§ STORED DATA:
..............................
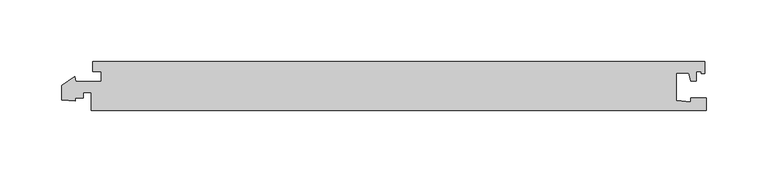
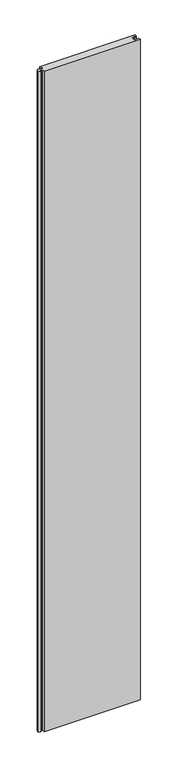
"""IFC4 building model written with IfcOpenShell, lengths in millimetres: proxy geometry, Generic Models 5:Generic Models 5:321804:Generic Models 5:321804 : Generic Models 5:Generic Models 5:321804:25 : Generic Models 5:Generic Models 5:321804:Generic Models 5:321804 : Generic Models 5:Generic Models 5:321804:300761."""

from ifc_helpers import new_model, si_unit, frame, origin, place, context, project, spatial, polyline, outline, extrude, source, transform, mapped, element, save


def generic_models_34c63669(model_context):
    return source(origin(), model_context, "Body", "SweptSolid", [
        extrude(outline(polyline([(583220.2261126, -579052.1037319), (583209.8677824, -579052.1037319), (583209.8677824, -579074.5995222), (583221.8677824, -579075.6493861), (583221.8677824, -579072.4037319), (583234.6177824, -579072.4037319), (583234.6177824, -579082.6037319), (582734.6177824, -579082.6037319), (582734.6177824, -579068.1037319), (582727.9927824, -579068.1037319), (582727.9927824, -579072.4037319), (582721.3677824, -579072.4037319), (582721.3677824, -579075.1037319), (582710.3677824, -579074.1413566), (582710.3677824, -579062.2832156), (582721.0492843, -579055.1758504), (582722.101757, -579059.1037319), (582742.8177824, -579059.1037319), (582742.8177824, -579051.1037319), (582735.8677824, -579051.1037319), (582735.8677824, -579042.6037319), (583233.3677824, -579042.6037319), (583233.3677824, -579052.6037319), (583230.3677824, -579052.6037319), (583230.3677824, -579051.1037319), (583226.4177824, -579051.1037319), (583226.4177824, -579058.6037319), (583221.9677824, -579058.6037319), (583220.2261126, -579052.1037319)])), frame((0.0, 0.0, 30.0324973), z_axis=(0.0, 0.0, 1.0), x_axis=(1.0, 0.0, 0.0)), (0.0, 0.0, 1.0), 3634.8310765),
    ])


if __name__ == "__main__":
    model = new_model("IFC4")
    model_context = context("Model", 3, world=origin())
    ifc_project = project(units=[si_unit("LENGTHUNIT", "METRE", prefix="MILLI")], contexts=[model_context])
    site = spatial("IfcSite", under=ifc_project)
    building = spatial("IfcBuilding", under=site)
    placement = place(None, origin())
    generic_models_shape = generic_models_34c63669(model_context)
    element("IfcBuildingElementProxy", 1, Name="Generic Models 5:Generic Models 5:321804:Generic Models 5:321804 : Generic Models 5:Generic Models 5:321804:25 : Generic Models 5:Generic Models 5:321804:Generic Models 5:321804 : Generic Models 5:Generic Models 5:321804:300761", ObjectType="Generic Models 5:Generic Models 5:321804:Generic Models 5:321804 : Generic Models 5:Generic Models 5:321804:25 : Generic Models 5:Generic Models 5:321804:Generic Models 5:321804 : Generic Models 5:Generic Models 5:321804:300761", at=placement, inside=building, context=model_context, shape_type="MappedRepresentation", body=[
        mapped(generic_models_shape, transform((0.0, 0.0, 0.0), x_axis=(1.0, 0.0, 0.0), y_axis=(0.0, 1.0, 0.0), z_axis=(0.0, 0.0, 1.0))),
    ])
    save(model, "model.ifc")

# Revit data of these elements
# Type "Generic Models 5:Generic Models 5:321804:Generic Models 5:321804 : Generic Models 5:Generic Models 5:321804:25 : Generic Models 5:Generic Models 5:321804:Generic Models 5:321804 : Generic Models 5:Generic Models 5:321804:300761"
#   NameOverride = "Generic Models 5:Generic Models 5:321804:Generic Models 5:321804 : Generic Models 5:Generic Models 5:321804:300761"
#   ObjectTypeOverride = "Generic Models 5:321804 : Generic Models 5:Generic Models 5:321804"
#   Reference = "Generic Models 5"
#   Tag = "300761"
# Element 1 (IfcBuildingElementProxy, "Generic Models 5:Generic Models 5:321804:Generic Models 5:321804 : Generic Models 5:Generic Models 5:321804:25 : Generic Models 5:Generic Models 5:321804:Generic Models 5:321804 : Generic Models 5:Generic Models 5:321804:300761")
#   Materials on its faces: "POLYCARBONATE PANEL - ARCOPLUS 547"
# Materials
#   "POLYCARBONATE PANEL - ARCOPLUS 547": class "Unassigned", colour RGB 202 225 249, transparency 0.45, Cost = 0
..............................
§ REQUIRED WORK: Would you filter the entries above and keep each line that has the word "site"?

§ YOUR RESPONSE:
    site = spatial("IfcSite", under=ifc_project)
    building = spatial("IfcBuilding", under=site)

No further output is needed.